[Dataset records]
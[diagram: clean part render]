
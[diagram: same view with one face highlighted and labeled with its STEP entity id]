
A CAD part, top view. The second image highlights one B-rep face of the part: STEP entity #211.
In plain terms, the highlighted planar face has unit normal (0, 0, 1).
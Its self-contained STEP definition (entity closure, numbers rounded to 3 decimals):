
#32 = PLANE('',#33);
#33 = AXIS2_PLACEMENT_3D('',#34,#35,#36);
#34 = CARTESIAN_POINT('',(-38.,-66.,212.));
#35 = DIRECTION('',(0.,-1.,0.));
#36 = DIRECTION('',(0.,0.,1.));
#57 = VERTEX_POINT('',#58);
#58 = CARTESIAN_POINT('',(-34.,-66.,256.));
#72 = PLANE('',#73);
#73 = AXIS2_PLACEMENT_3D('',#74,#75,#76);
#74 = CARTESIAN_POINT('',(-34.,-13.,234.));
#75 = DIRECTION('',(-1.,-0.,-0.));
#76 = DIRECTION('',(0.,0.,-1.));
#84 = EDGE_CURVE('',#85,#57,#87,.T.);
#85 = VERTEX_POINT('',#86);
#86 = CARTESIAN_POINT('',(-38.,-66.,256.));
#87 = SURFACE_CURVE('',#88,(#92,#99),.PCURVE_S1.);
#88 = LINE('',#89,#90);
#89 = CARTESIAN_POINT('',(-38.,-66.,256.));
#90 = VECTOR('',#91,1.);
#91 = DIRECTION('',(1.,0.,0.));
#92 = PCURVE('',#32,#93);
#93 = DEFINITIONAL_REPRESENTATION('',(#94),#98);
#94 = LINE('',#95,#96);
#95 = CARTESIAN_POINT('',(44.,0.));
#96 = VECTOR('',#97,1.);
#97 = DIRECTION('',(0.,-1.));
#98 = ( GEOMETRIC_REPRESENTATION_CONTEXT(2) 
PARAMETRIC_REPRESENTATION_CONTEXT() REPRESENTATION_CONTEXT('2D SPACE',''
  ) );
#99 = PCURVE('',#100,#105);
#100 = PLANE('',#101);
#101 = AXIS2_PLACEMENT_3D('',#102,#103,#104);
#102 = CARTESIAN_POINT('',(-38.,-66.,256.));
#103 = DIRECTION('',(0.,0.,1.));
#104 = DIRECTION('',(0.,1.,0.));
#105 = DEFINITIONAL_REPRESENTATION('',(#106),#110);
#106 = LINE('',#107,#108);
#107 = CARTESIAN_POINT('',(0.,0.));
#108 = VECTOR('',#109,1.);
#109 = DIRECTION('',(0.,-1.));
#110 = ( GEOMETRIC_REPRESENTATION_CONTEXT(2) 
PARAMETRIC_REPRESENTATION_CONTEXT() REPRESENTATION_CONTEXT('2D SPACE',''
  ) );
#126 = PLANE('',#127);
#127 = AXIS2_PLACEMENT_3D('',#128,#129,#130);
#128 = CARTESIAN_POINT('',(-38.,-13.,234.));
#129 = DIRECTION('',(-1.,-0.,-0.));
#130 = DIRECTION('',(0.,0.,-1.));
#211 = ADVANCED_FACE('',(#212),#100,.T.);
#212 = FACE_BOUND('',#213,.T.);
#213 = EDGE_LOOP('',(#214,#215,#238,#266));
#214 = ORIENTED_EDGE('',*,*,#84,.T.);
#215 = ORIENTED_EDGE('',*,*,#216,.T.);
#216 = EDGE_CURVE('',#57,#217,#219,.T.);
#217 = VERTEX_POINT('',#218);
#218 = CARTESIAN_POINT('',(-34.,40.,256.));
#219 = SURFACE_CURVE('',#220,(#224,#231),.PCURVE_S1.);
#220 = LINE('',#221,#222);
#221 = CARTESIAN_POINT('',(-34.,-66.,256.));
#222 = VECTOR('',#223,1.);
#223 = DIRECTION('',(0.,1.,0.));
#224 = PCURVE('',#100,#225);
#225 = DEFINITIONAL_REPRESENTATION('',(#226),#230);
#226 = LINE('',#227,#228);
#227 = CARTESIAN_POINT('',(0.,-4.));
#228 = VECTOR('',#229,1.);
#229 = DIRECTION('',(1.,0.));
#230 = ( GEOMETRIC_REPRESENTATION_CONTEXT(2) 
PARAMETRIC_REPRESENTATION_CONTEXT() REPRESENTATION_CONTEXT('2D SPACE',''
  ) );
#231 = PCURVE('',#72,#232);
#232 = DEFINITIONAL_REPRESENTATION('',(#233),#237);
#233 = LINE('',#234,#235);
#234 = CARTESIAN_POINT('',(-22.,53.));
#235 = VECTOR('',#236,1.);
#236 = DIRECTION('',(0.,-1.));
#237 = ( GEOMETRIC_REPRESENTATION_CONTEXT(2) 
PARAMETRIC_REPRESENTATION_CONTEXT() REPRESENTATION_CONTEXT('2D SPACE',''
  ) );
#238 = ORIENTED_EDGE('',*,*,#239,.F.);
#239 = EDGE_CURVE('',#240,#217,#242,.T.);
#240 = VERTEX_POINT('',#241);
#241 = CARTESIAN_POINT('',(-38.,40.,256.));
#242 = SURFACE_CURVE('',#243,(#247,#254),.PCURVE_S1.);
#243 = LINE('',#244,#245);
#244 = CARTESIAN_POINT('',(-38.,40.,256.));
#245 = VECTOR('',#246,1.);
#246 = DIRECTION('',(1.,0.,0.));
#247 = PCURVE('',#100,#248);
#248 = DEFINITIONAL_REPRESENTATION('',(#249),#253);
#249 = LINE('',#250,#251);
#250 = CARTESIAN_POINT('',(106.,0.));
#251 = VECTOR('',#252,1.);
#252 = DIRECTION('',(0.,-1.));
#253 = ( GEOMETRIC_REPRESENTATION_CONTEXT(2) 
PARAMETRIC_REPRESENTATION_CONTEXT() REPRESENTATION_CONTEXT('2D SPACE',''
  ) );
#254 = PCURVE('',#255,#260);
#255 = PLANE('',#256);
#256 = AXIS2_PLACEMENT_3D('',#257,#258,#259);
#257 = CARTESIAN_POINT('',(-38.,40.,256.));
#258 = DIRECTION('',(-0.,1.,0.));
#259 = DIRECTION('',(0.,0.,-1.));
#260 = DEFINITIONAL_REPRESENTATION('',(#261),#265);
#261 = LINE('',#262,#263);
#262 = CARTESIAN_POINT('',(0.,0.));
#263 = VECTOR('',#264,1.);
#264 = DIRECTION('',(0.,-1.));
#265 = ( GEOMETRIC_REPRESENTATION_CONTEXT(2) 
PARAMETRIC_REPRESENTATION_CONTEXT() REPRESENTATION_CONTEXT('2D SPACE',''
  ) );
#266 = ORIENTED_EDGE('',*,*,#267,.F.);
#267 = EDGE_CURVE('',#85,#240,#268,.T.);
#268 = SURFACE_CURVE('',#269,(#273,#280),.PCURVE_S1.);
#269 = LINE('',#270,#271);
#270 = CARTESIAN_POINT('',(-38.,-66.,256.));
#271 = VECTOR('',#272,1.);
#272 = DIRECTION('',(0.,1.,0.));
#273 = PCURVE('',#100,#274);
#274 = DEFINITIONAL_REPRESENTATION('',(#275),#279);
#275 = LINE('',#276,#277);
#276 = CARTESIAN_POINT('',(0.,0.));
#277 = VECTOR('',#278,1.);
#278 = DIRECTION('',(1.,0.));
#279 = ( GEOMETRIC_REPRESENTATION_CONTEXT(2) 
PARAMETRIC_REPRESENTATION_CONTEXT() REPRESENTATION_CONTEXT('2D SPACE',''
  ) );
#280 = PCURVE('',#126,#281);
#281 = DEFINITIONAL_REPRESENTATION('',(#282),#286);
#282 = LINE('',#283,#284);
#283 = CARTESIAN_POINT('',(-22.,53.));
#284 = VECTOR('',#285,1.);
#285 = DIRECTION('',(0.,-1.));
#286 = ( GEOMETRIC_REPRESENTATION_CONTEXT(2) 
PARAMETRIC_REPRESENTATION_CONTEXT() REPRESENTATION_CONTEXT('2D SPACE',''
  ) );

**Task brief:** Write out again, exactly, the lines from the start of the entries up to and including the one with "#215 = ORIENTED_EDGE('',*,*,#216,.T.);". Nothing else belongs in the reply.

**Solution to the problem:**
[diagram: clean part render]
[diagram: same view with one face highlighted and labeled with its STEP entity id]
A CAD part, top view. The second image highlights one B-rep face of the part: STEP entity #211.
In plain terms, the highlighted planar face has unit normal (0, 0, 1).
Its self-contained STEP definition (entity closure, numbers rounded to 3 decimals):
#32 = PLANE('',#33);
#33 = AXIS2_PLACEMENT_3D('',#34,#35,#36);
#34 = CARTESIAN_POINT('',(-38.,-66.,212.));
#35 = DIRECTION('',(0.,-1.,0.));
#36 = DIRECTION('',(0.,0.,1.));
#57 = VERTEX_POINT('',#58);
#58 = CARTESIAN_POINT('',(-34.,-66.,256.));
#72 = PLANE('',#73);
#73 = AXIS2_PLACEMENT_3D('',#74,#75,#76);
#74 = CARTESIAN_POINT('',(-34.,-13.,234.));
#75 = DIRECTION('',(-1.,-0.,-0.));
#76 = DIRECTION('',(0.,0.,-1.));
#84 = EDGE_CURVE('',#85,#57,#87,.T.);
#85 = VERTEX_POINT('',#86);
#86 = CARTESIAN_POINT('',(-38.,-66.,256.));
#87 = SURFACE_CURVE('',#88,(#92,#99),.PCURVE_S1.);
#88 = LINE('',#89,#90);
#89 = CARTESIAN_POINT('',(-38.,-66.,256.));
#90 = VECTOR('',#91,1.);
#91 = DIRECTION('',(1.,0.,0.));
#92 = PCURVE('',#32,#93);
#93 = DEFINITIONAL_REPRESENTATION('',(#94),#98);
#94 = LINE('',#95,#96);
#95 = CARTESIAN_POINT('',(44.,0.));
#96 = VECTOR('',#97,1.);
#97 = DIRECTION('',(0.,-1.));
#98 = ( GEOMETRIC_REPRESENTATION_CONTEXT(2) 
PARAMETRIC_REPRESENTATION_CONTEXT() REPRESENTATION_CONTEXT('2D SPACE',''
  ) );
#99 = PCURVE('',#100,#105);
#100 = PLANE('',#101);
#101 = AXIS2_PLACEMENT_3D('',#102,#103,#104);
#102 = CARTESIAN_POINT('',(-38.,-66.,256.));
#103 = DIRECTION('',(0.,0.,1.));
#104 = DIRECTION('',(0.,1.,0.));
#105 = DEFINITIONAL_REPRESENTATION('',(#106),#110);
#106 = LINE('',#107,#108);
#107 = CARTESIAN_POINT('',(0.,0.));
#108 = VECTOR('',#109,1.);
#109 = DIRECTION('',(0.,-1.));
#110 = ( GEOMETRIC_REPRESENTATION_CONTEXT(2) 
PARAMETRIC_REPRESENTATION_CONTEXT() REPRESENTATION_CONTEXT('2D SPACE',''
  ) );
#126 = PLANE('',#127);
#127 = AXIS2_PLACEMENT_3D('',#128,#129,#130);
#128 = CARTESIAN_POINT('',(-38.,-13.,234.));
#129 = DIRECTION('',(-1.,-0.,-0.));
#130 = DIRECTION('',(0.,0.,-1.));
#211 = ADVANCED_FACE('',(#212),#100,.T.);
#212 = FACE_BOUND('',#213,.T.);
#213 = EDGE_LOOP('',(#214,#215,#238,#266));
#214 = ORIENTED_EDGE('',*,*,#84,.T.);
#215 = ORIENTED_EDGE('',*,*,#216,.T.);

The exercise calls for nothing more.